NICE recommends Ikervis in final draft guidance
Posted: 4 November 2015 |
Ikervis has been recommended for the treatment of keratitis in adults with dry eye disease who have not responded to tear substitutes…
The National Institute for Health and Care Excellence (NICE) has published final draft guidance recommending Ikervis (ciclosporin, Santen Pharmaceutical) for treating severe keratitis in adults with dry eye disease which has not improved despite treatment with artificial tears.
Dry eye disease is chronic inflammation of the eyes caused by reduced tear production or excessive tear evaporation. It can be triggered by a number of factors, including dry or air-conditioned environments, auto-immune diseases (such as rheumatoid arthritis, and lupus), and the adverse effects of some medications. Symptoms include irritation and redness in the eyes, blurred vision, and a sensation of grittiness or a foreign body in the eye. If left untreated, it can result in blindness in severe cases.

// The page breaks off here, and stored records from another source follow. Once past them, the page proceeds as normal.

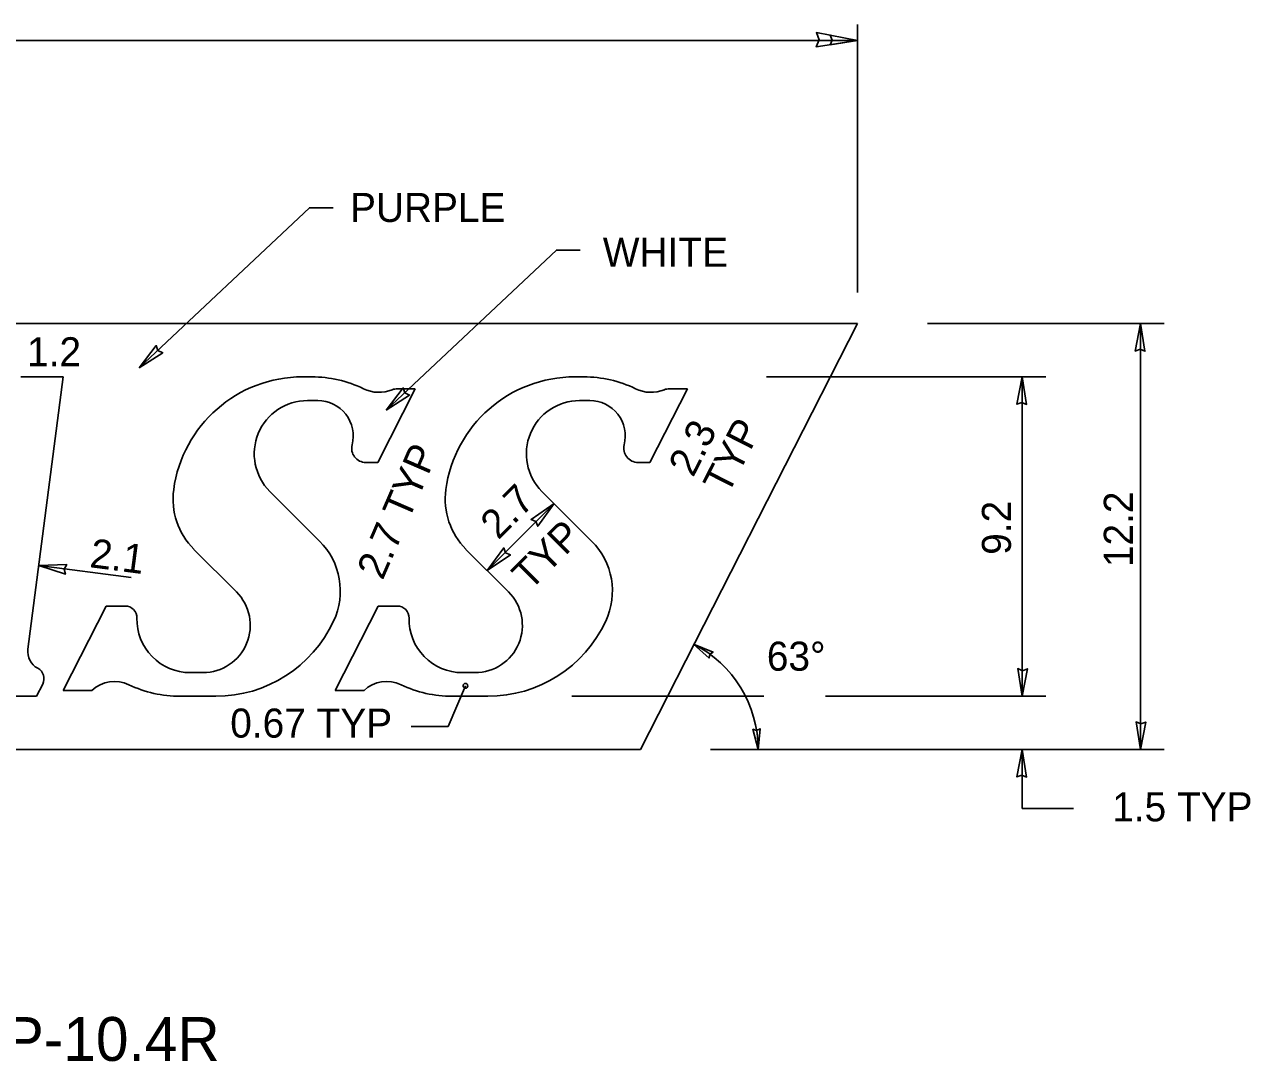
# Model space of a CAD drawing. Extents: x 10268197 to 10269179, y 2141503 to 2142677.
# Drawn here: x 10268704.22 to 10268728.35, y 2142077.2 to 2142097.61 of the extents above; entities that cross this region are included whole.
import ezdxf

# ---------------------------------------------------------------- set-up
doc = ezdxf.new("R2010")
doc.units = 0
doc.layers.add('Default', color=7, linetype='Continuous')
doc.layers.add('TextDetails', color=7, linetype='Continuous')

msp = doc.modelspace()

# ---------------------------------------------------------------- linework, layer by layer
at = {"layer": 'Default'}
for p, q in [((10268720.621, 2142092.334), (10268720.621, 2142097.608)), ((10268679.858, 2142097.295), (10268720.621, 2142097.295)), ((10268720.621, 2142091.721), (10268695.35, 2142091.721)), ((10268716.35, 2142083.337), (10268720.621, 2142091.721)), ((10268721.995, 2142091.721), (10268726.653, 2142091.721)), ((10268726.187, 2142083.338), (10268726.187, 2142091.721)), ((10268704.15, 2142090.673), (10268704.987, 2142090.673)), ((10268704.987, 2142090.673), (10268704.29, 2142085.314)), ((10268709.699, 2142090.673), (10268709.876, 2142090.673)), ((10268715.054, 2142090.673), (10268715.231, 2142090.673)), ((10268718.827, 2142090.673), (10268724.323, 2142090.673)), ((10268723.858, 2142084.386), (10268723.858, 2142090.673)), ((10268711.914, 2142090.44), (10268711.174, 2142088.988)), ((10268711.566, 2142090.44), (10268711.914, 2142090.44)), ((10268717.27, 2142090.44), (10268716.53, 2142088.988)), ((10268716.92, 2142090.44), (10268717.27, 2142090.44)), ((10268709.993, 2142090.207), (10268709.794, 2142090.207)), ((10268715.35, 2142090.207), (10268715.149, 2142090.207)), ((10268711.174, 2142088.988), (10268710.94, 2142088.988)), ((10268716.53, 2142088.988), (10268716.297, 2142088.988)), ((10268709.052, 2142088.418), (10268710.029, 2142087.442)), ((10268714.408, 2142088.418), (10268715.384, 2142087.442)), ((10268713.332, 2142086.86), (10268714.65, 2142088.177)), ((10268708.394, 2142086.441), (10268707.557, 2142087.278)), ((10268713.75, 2142086.441), (10268712.912, 2142087.278)), ((10268704.505, 2142086.962), (10268706.321, 2142086.725)), ((10268704.985, 2142084.502), (10268705.83, 2142086.161)), ((10268705.83, 2142086.161), (10268706.203, 2142086.161)), ((10268710.34, 2142084.502), (10268711.186, 2142086.161)), ((10268711.186, 2142086.161), (10268711.56, 2142086.161)), ((10268707.484, 2142084.851), (10268707.735, 2142084.851)), ((10268712.841, 2142084.851), (10268713.092, 2142084.851)), ((10268704.582, 2142084.625), (10268704.459, 2142084.385)), ((10268712.56, 2142083.791), (10268712.901, 2142084.59)), ((10268704.459, 2142084.385), (10268702.13, 2142084.385)), ((10268705.551, 2142084.502), (10268704.985, 2142084.502)), ((10268707.986, 2142084.385), (10268707.286, 2142084.385)), ((10268710.906, 2142084.502), (10268710.34, 2142084.502)), ((10268713.341, 2142084.385), (10268712.642, 2142084.385)), ((10268714.997, 2142084.386), (10268718.773, 2142084.386)), ((10268719.99, 2142084.386), (10268724.323, 2142084.386)), ((10268711.835, 2142083.791), (10268712.56, 2142083.791)), ((10268694.582, 2142083.337), (10268716.35, 2142083.337)), ((10268717.724, 2142083.338), (10268726.653, 2142083.338)), ((10268723.858, 2142082.174), (10268723.858, 2142083.338)), ((10268723.858, 2142082.174), (10268724.872, 2142082.174))]:
    msp.add_line(p, q, dxfattribs=at)
for points in [[(10268720.621, 2142097.295), (10268719.805, 2142097.166), (10268719.866, 2142097.306), (10268719.81, 2142097.451)], [(10268720.621, 2142097.295), (10268720.077, 2142097.209), (10268720.118, 2142097.302), (10268720.08, 2142097.399)], [(10268726.187, 2142091.721), (10268726.273, 2142091.177), (10268726.18, 2142091.218), (10268726.083, 2142091.18)], [(10268706.477, 2142090.852), (10268706.815, 2142091.287), (10268706.849, 2142091.191), (10268706.943, 2142091.146)], [(10268723.858, 2142090.673), (10268723.944, 2142090.129), (10268723.851, 2142090.17), (10268723.754, 2142090.133)], [(10268711.338, 2142090.019), (10268711.676, 2142090.454), (10268711.71, 2142090.358), (10268711.803, 2142090.313)], [(10268714.65, 2142088.177), (10268714.325, 2142087.731), (10268714.288, 2142087.826), (10268714.193, 2142087.868)], [(10268713.332, 2142086.86), (10268713.656, 2142087.306), (10268713.693, 2142087.211), (10268713.788, 2142087.168)], [(10268704.505, 2142086.962), (10268705.055, 2142086.977), (10268705.002, 2142086.89), (10268705.027, 2142086.788)], [(10268717.392, 2142085.413), (10268717.774, 2142085.256), (10268717.711, 2142085.212), (10268717.697, 2142085.136)], [(10268723.858, 2142084.386), (10268723.773, 2142084.93), (10268723.866, 2142084.889), (10268723.963, 2142084.926)], [(10268726.187, 2142083.338), (10268726.101, 2142083.882), (10268726.195, 2142083.841), (10268726.291, 2142083.878)], [(10268718.663, 2142083.338), (10268718.56, 2142083.738), (10268718.633, 2142083.714), (10268718.702, 2142083.748)], [(10268723.858, 2142083.338), (10268723.944, 2142082.794), (10268723.851, 2142082.835), (10268723.754, 2142082.797)]]:
    msp.add_lwpolyline(points, close=True, dxfattribs=at)
for points in [[(10268710.299, 2142094.002), (10268709.832, 2142094.002), (10268706.477, 2142090.852)], [(10268715.16, 2142093.169), (10268714.693, 2142093.169), (10268711.338, 2142090.019)]]:
    msp.add_lwpolyline(points, dxfattribs=at)
msp.add_circle((10268712.901, 2142084.591), 0.0466, dxfattribs=at)
for centre, radius, start, end in [((10268709.698, 2142088.111), 2.562, 90, 172.3089), ((10268709.875, 2142088.344), 2.329, 64.0896, 90), ((10268715.054, 2142088.111), 2.562, 90, 172.3089), ((10268715.231, 2142088.344), 2.329, 64.0896, 90), ((10268711.198, 2142091.067), 0.699, 244.0896, 292.0347), ((10268711.565, 2142090.16), 0.279, 90, 112.0347), ((10268716.554, 2142091.067), 0.699, 244.0896, 292.0347), ((10268716.92, 2142090.16), 0.279, 90, 112.0347), ((10268709.793, 2142089.159), 1.048, 90, 225), ((10268709.993, 2142089.508), 0.699, 345.6915, 90), ((10268715.149, 2142089.159), 1.048, 90, 225), ((10268715.349, 2142089.508), 0.699, 345.6915, 90), ((10268710.941, 2142089.267), 0.279, 165.6915, 270), ((10268716.297, 2142089.267), 0.279, 165.6915, 270), ((10268708.544, 2142088.267), 1.397, 172.3089, 225), ((10268713.9, 2142088.267), 1.397, 172.3089, 225), ((10268709.041, 2142086.454), 1.397, 334.95, 45), ((10268714.397, 2142086.454), 1.397, 334.95, 45), ((10268707.735, 2142085.782), 0.931, 270, 45), ((10268713.091, 2142085.782), 0.931, 270, 45), ((10268706.204, 2142085.929), 0.233, 358.6664, 90), ((10268711.56, 2142085.929), 0.233, 358.6664, 90), ((10268707.484, 2142085.899), 1.048, 178.6665, 270), ((10268707.986, 2142086.947), 2.562, 270, 334.95), ((10268712.84, 2142085.899), 1.048, 178.6665, 270), ((10268713.342, 2142086.947), 2.562, 270, 334.95), ((10268704.66, 2142085.265), 0.373, 172.5884, 241.8673), ((10268716.334, 2142083.338), 2.329, 0, 63.0012), ((10268704.374, 2142084.731), 0.233, 332.9784, 61.8673), ((10268705.996, 2142084.026), 0.652, 64.3795, 133.1892), ((10268707.285, 2142086.714), 2.329, 244.3795, 270), ((10268711.352, 2142084.026), 0.652, 64.3795, 133.1892), ((10268712.641, 2142086.714), 2.329, 244.3795, 270)]:
    msp.add_arc(centre, radius, start, end, dxfattribs=at)

# ---------------------------------------------------------------- texts
for s, p in [('PURPLE', (10268710.63, 2142093.721)), ('WHITE', (10268715.605, 2142092.839)), ('1.2', (10268704.273, 2142090.881)), ('63°', (10268718.833, 2142084.889)), ('0.67 TYP', (10268708.272, 2142083.572)), ('1.5 TYP', (10268725.631, 2142081.924))]:
    msp.add_text(s, height=0.5717, dxfattribs=at).set_placement(p)
for s, rotation, p in [('2.3', 63, (10268717.382, 2142088.678)), ('TYP', 63, (10268718.065, 2142088.33)), ('2.7 TYP', 66.578, (10268711.271, 2142086.654)), ('2.7', 45, (10268713.548, 2142087.449)), ('12.2', 90, (10268726.037, 2142086.928)), ('9.2', 90, (10268723.638, 2142087.17)), ('TYP', 45, (10268714.17, 2142086.447)), ('2.1', 352.5994, (10268705.49, 2142086.928))]:
    msp.add_text(s, height=0.5717, rotation=rotation, dxfattribs=at).set_placement(p)
at = {"layer": 'TextDetails'}
msp.add_text('LOGO EP-10.4R', height=0.8624, dxfattribs=at).set_placement((10268699.412, 2142077.209))

doc.saveas('drawing.dxf')

Ikervis reduces inflammation in dry eye disease
Ikervis works by reducing inflammation in dry eye disease. However, until the launch of Ikervis, there has been no topical preparation of ciclosporin licensed in the UK. Ikervis has a novel cationic nano-emulsion formulation to effectively deliver the anti-inflammatory potential of ciclosporin. With this recommendation from NICE, Ikervis provides an important new option for the treatment of patients in England and Wales who have not responded to tear substitutes. In October of this year the Scottish Medicines Consortium (SMC) determined that Ikervis should be made available to patients in Scotland.
Professor Carole Longson, Director of the Centre for Health Technology Evaluation at NICE said: “Severe dry eye disease is painful and can have a significant negative effect on day-to-day life for people with the condition. The company responded to the requests in the draft guidance for more information, and we are pleased, therefore, to be able to recommend ciclosporin for adults with severe dry eye disease in final draft guidance published today. I am sure this will be welcome news to patients and healthcare professionals alike.”
NICE expects to publish its final guidance in December 2015.